[Collected data]
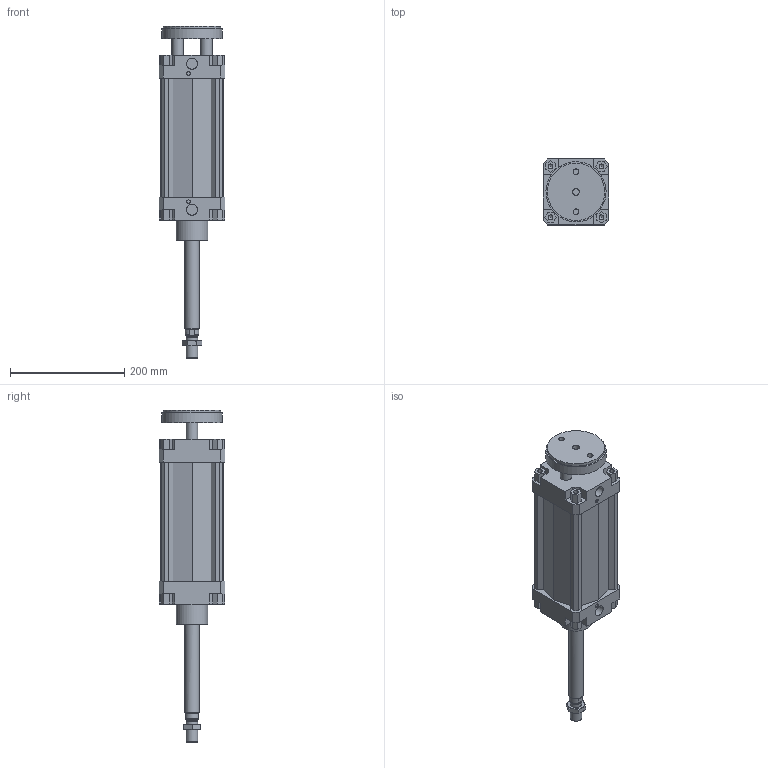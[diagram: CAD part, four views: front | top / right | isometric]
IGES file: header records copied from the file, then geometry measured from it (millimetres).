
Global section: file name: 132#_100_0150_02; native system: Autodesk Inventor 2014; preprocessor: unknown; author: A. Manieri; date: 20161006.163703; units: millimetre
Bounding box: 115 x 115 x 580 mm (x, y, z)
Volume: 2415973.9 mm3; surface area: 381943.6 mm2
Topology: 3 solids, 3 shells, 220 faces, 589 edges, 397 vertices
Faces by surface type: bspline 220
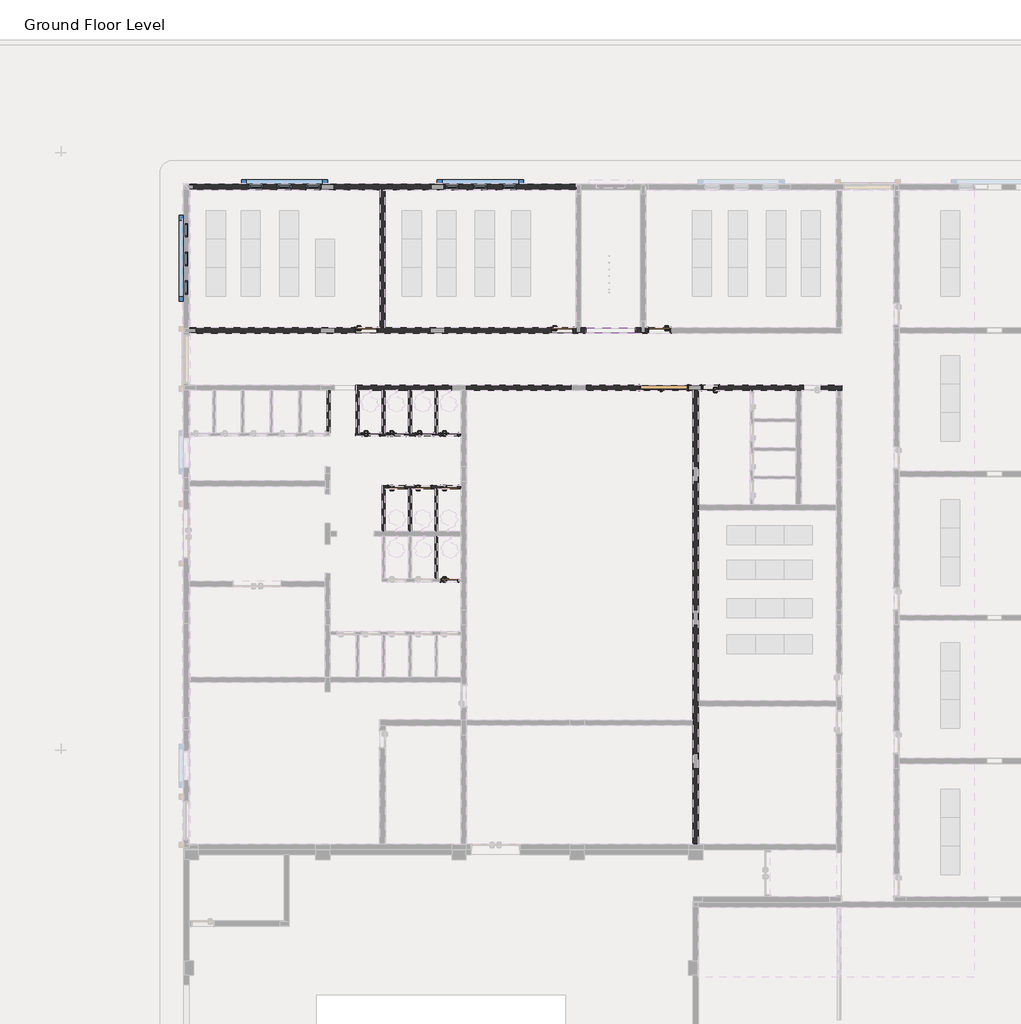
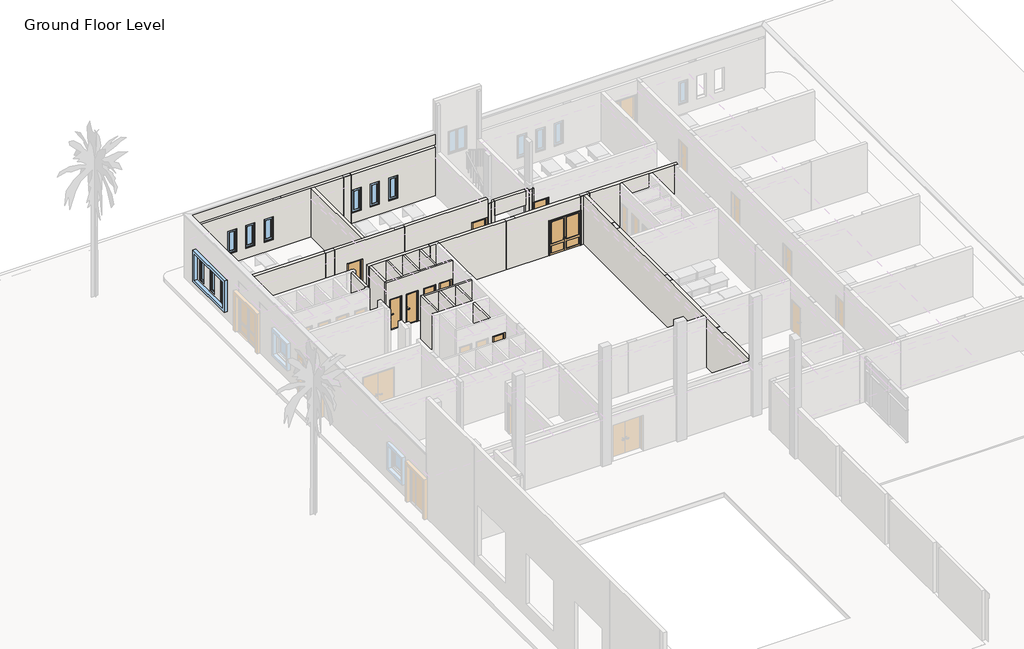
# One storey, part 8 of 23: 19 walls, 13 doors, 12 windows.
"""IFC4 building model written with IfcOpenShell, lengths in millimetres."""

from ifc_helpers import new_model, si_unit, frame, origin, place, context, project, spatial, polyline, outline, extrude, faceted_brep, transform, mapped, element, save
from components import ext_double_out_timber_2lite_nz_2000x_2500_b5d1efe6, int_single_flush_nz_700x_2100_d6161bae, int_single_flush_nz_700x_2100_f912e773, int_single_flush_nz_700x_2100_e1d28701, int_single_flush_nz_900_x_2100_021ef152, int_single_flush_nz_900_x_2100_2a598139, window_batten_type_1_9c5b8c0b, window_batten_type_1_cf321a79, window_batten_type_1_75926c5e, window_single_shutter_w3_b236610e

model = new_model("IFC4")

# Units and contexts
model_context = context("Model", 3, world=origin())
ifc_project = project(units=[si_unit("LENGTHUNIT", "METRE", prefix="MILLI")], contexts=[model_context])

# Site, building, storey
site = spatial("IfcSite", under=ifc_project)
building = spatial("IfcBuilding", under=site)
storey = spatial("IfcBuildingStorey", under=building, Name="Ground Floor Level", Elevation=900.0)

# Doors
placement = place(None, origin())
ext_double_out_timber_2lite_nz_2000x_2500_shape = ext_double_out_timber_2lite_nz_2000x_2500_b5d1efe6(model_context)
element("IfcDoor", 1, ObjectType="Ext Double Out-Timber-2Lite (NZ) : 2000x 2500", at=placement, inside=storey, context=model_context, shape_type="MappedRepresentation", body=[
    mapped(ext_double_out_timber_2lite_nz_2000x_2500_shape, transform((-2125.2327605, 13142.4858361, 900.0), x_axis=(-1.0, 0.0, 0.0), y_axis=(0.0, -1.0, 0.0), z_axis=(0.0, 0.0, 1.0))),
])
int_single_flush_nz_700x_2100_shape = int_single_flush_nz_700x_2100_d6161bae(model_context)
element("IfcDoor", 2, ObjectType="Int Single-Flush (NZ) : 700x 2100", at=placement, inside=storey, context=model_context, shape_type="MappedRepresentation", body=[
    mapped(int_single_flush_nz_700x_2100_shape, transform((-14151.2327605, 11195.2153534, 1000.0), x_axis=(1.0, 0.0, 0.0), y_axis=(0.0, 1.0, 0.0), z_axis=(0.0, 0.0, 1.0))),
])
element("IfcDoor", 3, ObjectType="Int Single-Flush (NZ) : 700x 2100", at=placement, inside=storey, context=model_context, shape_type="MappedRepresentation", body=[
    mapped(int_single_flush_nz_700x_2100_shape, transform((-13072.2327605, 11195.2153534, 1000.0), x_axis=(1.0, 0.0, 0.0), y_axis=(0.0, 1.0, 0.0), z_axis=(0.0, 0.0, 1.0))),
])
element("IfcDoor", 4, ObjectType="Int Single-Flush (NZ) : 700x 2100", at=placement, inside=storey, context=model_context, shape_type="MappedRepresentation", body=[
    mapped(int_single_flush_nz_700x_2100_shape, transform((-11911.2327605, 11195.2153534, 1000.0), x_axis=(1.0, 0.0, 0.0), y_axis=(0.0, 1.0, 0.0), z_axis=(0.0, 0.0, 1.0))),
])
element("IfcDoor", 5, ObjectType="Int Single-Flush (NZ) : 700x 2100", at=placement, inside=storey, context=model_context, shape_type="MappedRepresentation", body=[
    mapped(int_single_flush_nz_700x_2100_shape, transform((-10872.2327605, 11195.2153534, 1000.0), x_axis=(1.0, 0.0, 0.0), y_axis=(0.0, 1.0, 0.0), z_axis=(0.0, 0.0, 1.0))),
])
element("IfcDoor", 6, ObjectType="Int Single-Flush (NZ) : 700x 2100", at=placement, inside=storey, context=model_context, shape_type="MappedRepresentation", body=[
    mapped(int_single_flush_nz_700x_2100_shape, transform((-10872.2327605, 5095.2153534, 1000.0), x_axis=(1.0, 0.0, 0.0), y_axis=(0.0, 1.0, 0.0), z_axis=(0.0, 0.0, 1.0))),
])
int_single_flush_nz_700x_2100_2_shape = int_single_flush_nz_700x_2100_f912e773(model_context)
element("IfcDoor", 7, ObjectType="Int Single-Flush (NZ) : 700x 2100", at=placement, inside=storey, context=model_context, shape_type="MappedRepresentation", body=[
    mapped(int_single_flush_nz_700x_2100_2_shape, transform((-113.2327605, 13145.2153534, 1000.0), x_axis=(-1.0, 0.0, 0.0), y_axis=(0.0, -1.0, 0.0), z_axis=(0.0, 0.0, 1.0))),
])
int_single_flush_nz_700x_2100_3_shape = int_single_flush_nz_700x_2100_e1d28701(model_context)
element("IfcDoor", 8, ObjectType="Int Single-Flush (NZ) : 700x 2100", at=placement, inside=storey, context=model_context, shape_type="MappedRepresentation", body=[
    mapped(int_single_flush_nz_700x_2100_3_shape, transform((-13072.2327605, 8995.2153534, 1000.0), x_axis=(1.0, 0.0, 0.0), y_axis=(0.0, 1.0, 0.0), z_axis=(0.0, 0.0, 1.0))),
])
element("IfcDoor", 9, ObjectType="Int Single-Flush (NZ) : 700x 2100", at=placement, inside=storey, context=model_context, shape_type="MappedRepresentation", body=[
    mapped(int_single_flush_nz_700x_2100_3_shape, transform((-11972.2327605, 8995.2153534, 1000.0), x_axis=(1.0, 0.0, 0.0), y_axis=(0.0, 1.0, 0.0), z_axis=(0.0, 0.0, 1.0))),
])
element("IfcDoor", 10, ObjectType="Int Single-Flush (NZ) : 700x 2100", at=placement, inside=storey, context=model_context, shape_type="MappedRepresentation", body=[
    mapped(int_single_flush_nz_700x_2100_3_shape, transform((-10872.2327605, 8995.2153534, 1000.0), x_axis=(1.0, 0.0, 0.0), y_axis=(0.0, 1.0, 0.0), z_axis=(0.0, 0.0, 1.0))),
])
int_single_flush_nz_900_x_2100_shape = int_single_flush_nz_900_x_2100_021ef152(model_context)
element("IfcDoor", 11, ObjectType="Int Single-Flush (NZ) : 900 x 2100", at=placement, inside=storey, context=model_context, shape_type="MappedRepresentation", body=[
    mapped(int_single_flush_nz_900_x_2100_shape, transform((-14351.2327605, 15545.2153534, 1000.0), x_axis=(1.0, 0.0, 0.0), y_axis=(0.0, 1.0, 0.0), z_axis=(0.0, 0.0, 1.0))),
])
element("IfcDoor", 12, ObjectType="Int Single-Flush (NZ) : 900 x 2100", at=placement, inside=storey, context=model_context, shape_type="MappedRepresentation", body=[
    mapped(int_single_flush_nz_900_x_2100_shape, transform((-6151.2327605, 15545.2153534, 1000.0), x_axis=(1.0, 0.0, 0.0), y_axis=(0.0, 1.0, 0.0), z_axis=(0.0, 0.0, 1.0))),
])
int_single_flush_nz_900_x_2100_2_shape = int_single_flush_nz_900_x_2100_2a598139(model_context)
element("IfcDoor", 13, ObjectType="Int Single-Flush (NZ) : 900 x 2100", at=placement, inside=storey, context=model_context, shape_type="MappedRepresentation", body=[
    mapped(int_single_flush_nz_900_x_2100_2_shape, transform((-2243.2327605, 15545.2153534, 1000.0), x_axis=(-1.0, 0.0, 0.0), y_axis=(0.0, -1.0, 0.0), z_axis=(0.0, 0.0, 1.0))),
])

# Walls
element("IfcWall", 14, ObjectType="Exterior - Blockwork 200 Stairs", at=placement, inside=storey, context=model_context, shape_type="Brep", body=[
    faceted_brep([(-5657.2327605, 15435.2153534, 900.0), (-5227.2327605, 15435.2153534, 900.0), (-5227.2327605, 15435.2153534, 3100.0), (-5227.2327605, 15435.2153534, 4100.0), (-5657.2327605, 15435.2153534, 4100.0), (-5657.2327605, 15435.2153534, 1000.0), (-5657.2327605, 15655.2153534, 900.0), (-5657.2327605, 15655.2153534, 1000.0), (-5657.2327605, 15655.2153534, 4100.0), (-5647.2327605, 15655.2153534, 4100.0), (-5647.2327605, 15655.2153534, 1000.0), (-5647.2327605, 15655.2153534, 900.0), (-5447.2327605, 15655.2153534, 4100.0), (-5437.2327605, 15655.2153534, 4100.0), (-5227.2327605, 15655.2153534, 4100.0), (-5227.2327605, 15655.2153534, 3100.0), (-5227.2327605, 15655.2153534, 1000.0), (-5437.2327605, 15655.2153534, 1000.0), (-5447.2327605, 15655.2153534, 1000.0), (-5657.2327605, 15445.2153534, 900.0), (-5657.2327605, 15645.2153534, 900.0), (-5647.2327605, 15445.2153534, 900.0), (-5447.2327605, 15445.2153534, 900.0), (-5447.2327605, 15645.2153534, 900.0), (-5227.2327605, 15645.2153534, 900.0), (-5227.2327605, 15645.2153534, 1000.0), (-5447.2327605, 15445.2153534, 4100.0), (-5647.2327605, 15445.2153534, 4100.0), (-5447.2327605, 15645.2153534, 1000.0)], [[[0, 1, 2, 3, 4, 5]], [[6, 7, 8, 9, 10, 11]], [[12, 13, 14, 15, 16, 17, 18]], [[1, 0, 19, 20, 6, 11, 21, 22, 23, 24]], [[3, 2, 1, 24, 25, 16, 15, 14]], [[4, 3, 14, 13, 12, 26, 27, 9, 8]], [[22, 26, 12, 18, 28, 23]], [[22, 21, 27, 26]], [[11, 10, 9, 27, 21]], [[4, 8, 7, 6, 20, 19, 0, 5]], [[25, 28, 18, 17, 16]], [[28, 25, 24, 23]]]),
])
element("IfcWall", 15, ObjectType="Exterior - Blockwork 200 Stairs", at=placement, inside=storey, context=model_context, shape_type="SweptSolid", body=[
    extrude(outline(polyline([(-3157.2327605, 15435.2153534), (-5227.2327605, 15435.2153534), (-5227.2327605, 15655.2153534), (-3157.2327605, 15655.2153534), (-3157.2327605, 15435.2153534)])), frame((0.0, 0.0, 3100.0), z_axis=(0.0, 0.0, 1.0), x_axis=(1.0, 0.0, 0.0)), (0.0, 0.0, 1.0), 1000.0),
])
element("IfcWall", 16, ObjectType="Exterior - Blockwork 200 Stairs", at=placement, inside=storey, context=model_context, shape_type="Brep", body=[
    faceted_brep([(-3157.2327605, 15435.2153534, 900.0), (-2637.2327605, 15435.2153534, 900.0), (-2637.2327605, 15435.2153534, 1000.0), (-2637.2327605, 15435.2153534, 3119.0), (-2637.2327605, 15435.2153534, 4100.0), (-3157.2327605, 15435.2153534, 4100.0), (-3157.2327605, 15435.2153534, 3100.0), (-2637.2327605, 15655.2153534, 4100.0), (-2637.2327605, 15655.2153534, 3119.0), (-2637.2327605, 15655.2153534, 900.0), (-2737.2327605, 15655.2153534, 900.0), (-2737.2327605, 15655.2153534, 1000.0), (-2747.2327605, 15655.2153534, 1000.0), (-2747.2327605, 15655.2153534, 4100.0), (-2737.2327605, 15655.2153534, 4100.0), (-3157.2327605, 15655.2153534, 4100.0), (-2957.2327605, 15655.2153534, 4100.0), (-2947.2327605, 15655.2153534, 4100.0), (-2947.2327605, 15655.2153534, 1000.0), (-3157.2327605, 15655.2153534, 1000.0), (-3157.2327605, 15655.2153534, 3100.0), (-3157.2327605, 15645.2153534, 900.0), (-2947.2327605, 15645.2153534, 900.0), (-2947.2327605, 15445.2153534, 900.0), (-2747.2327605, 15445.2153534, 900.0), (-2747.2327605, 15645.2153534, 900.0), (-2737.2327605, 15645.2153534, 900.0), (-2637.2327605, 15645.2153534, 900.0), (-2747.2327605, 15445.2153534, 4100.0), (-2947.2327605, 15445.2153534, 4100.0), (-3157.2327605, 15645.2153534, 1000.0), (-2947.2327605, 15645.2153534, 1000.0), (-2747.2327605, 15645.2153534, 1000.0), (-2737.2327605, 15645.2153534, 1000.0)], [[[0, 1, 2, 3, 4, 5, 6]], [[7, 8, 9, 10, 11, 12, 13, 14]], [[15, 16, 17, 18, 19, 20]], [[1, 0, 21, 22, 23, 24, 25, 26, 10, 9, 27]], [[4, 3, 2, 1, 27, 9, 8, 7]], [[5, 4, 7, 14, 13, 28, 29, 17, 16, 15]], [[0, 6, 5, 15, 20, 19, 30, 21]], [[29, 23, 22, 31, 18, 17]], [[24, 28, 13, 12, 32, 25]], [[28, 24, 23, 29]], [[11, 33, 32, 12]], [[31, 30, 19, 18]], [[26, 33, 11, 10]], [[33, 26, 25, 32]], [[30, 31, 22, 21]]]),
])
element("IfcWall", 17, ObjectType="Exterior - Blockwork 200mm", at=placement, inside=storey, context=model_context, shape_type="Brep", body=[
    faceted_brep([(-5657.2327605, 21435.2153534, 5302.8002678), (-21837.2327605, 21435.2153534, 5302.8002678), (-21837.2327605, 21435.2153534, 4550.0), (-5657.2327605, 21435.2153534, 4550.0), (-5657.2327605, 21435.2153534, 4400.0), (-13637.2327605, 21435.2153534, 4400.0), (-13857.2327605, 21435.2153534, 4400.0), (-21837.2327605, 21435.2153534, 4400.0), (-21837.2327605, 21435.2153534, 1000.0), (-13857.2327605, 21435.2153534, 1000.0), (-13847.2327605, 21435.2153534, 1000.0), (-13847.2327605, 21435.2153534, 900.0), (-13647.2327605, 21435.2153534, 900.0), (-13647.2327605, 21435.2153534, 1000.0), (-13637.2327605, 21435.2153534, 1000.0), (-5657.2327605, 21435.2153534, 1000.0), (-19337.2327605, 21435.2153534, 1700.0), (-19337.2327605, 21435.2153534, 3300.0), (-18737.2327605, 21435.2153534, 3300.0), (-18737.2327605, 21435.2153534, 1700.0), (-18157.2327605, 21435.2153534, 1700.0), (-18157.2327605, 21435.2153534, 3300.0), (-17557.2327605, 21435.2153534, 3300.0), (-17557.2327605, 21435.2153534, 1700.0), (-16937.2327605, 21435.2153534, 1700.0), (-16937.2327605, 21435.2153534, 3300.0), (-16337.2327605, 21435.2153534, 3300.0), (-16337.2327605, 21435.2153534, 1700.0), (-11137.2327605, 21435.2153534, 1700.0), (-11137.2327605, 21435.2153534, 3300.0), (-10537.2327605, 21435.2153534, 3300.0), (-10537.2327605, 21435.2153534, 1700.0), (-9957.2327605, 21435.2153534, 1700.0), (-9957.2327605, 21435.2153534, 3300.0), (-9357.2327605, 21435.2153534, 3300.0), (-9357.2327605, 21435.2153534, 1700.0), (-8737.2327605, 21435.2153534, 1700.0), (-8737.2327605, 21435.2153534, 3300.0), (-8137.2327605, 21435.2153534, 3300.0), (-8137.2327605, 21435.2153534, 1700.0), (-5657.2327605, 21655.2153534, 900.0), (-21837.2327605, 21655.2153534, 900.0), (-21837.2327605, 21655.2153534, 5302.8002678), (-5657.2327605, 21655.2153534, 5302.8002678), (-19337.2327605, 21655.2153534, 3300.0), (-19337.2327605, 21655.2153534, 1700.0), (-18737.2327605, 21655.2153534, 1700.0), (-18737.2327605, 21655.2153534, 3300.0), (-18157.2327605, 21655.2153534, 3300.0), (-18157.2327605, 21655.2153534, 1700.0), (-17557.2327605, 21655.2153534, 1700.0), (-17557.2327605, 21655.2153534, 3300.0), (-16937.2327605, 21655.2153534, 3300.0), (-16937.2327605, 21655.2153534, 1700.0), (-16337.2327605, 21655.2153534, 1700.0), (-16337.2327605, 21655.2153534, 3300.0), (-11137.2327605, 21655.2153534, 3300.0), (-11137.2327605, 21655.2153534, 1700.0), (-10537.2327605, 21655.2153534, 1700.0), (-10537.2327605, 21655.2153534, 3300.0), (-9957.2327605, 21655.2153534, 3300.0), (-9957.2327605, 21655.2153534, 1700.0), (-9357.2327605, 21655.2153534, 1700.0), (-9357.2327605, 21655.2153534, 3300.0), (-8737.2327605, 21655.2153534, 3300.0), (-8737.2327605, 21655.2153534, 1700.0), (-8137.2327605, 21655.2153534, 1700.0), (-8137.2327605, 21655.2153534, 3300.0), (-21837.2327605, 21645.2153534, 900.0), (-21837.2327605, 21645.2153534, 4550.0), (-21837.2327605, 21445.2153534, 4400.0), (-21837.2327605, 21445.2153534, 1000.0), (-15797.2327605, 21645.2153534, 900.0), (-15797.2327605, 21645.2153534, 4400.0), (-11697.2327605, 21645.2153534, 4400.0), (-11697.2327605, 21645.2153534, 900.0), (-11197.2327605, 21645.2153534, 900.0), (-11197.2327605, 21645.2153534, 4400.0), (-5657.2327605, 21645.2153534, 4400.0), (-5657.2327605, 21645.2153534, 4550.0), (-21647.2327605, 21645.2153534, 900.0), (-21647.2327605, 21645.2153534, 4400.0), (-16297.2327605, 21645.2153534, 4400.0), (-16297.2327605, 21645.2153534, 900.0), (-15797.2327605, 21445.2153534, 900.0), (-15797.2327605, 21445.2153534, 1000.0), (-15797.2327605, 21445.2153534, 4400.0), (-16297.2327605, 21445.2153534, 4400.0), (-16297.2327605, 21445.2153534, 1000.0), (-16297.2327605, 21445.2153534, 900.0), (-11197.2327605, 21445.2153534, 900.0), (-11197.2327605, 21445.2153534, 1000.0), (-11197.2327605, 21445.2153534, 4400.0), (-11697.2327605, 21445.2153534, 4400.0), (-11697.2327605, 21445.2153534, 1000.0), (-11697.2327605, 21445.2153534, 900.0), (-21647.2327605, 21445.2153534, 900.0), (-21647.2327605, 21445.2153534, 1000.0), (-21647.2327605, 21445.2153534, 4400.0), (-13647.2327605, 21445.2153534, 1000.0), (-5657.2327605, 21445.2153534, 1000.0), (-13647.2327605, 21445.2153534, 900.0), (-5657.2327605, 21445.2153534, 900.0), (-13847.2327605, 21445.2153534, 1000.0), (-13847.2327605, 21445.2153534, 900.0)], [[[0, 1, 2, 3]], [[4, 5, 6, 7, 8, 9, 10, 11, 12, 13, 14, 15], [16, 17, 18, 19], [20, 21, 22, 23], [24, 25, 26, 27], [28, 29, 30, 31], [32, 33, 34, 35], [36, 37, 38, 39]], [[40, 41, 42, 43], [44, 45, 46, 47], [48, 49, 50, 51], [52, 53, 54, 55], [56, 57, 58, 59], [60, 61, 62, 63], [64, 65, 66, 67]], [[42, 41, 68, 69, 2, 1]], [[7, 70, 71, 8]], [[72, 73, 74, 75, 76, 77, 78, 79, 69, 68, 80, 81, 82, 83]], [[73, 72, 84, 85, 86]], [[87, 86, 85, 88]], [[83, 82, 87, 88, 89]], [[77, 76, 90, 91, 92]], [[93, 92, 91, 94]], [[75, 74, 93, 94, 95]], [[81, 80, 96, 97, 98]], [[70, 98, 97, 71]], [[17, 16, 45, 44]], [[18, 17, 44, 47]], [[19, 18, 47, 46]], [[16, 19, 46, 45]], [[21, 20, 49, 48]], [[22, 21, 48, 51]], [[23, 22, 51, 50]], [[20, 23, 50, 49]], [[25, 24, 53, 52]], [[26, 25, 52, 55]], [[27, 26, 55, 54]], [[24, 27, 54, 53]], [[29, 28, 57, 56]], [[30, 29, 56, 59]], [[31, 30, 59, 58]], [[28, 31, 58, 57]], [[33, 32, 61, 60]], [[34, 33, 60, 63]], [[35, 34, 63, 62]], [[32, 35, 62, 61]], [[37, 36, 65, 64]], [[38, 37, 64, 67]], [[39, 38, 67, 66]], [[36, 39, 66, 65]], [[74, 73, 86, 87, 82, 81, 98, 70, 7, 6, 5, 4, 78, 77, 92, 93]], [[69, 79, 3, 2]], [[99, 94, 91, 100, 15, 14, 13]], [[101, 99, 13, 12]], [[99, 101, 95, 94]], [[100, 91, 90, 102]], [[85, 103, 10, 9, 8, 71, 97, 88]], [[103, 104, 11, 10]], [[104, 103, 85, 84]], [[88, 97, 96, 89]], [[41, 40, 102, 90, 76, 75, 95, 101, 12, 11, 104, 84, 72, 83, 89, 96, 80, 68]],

**Goal of the exercise**
Output nothing but the number of lines in the data containing the string "millimetres".

**Result**
2